Humans have left an indelible mark on Earth, most notably in the massive amounts of carbon now floating around in our atmosphere that is causing the planet to warm. When we industrialized our civilization, we harnessed the power of fossil fuels and have become slaves to it as a result.

We are now at a critical point where we will need to deal with the carbon already in our atmosphere from burning fossil fuels (carbon lasts for hundreds of years in the atmosphere, making it ever more difficult to achieve targeted reductions) in order to meet the ceiling on carbon, proposed last week by the International Panel on Climate Change, or move on to a new Earth, argues Lawrence Krauss, director of the Origins Project at ASU, in the New Yorker.

Because the world’s governments cannot seem to adequately face the imperative to cut industrial greenhouse gas production, we can “give up and resign ourselves to living on Earth 2.0, with the possibility of vast and disastrous social and political upheavals due to changing temperatures, rising sea levels and the like; or try and do something about the carbon that is already in the atmosphere,” Krauss states.
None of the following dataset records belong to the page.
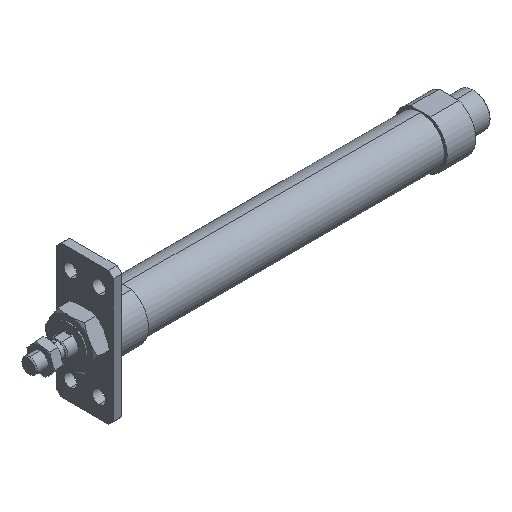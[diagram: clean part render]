
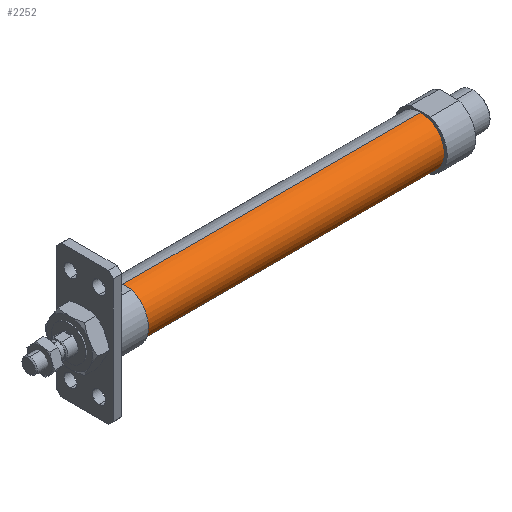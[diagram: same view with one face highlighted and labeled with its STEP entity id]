
A CAD part, isometric view. The second image highlights one B-rep face of the part: STEP entity #2252.
In plain terms, the highlighted cylindrical face has radius 12.5 mm (diameter 25 mm), a partial arc.
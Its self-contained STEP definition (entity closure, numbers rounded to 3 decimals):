
#26 = EDGE_CURVE ( 'NONE', #3635, #2482, #1849, .T. ) ;
#75 = DIRECTION ( 'NONE',  ( 0., 0., 1. ) ) ;
#202 = ORIENTED_EDGE ( 'NONE', *, *, #1280, .T. ) ;
#237 = EDGE_CURVE ( 'NONE', #3473, #3635, #1100, .T. ) ;
#244 = VERTEX_POINT ( 'NONE', #1103 ) ;
#368 = DIRECTION ( 'NONE',  ( -1., 0., 0. ) ) ;
#474 = CARTESIAN_POINT ( 'NONE',  ( 206., 0., -12.5 ) ) ;
#494 = CIRCLE ( 'NONE', #1508, 12.5 ) ;
#559 = CARTESIAN_POINT ( 'NONE',  ( 206., 0., 0. ) ) ;
#603 = EDGE_LOOP ( 'NONE', ( #3718, #747, #202, #950 ) ) ;
#726 = EDGE_CURVE ( 'NONE', #3473, #244, #494, .T. ) ;
#747 = ORIENTED_EDGE ( 'NONE', *, *, #726, .T. ) ;
#950 = ORIENTED_EDGE ( 'NONE', *, *, #26, .F. ) ;
#970 = CARTESIAN_POINT ( 'NONE',  ( 49., 0., 12.5 ) ) ;
#998 = VECTOR ( 'NONE', #3430, 1000. ) ;
#1090 = FACE_OUTER_BOUND ( 'NONE', #603, .T. ) ;
#1099 = DIRECTION ( 'NONE',  ( -1., 0., 0. ) ) ;
#1100 = LINE ( 'NONE', #1807, #2169 ) ;
#1103 = CARTESIAN_POINT ( 'NONE',  ( 206., 0., 12.5 ) ) ;
#1240 = AXIS2_PLACEMENT_3D ( 'NONE', #1536, #1099, #1408 ) ;
#1280 = EDGE_CURVE ( 'NONE', #244, #2482, #1610, .T. ) ;
#1326 = CARTESIAN_POINT ( 'NONE',  ( 49., 0., -12.5 ) ) ;
#1408 = DIRECTION ( 'NONE',  ( 0., 0., 1. ) ) ;
#1508 = AXIS2_PLACEMENT_3D ( 'NONE', #559, #3918, #75 ) ;
#1536 = CARTESIAN_POINT ( 'NONE',  ( 49., 0., 0. ) ) ;
#1610 = LINE ( 'NONE', #2123, #998 ) ;
#1807 = CARTESIAN_POINT ( 'NONE',  ( -6.469, 0., -12.5 ) ) ;
#1849 = CIRCLE ( 'NONE', #1240, 12.5 ) ;
#2073 = AXIS2_PLACEMENT_3D ( 'NONE', #2326, #2647, #3168 ) ;
#2123 = CARTESIAN_POINT ( 'NONE',  ( -6.469, 0., 12.5 ) ) ;
#2169 = VECTOR ( 'NONE', #368, 1000. ) ;
#2252 = ADVANCED_FACE ( 'NONE', ( #1090 ), #2520, .T. ) ;
#2326 = CARTESIAN_POINT ( 'NONE',  ( -6.469, 0., 0. ) ) ;
#2482 = VERTEX_POINT ( 'NONE', #970 ) ;
#2520 = CYLINDRICAL_SURFACE ( 'NONE', #2073, 12.5 ) ;
#2647 = DIRECTION ( 'NONE',  ( -1., 0., 0. ) ) ;
#3168 = DIRECTION ( 'NONE',  ( 0., 0., 1. ) ) ;
#3430 = DIRECTION ( 'NONE',  ( -1., 0., 0. ) ) ;
#3473 = VERTEX_POINT ( 'NONE', #474 ) ;
#3635 = VERTEX_POINT ( 'NONE', #1326 ) ;
#3718 = ORIENTED_EDGE ( 'NONE', *, *, #237, .F. ) ;
#3918 = DIRECTION ( 'NONE',  ( -1., 0., 0. ) ) ;

If we choose the latter, then our best shot might be to develop a strategy to remove carbon dioxide directly from the atmosphere. Remarkably, this approach has received almost no support in terms of R&D dollars to date, an egregious action given the tens of billions we spend on fine-tuning the source for all of this carbon-fossil fuel production, he states.

“Carbon capture may not be practical in the end,” Krauss states. “But exploring possibilities like it with the same kind of energy that we are devoting to extracting fossil fuels should be an ethical global imperative, given everything we know about humanity’s impact on our climate.”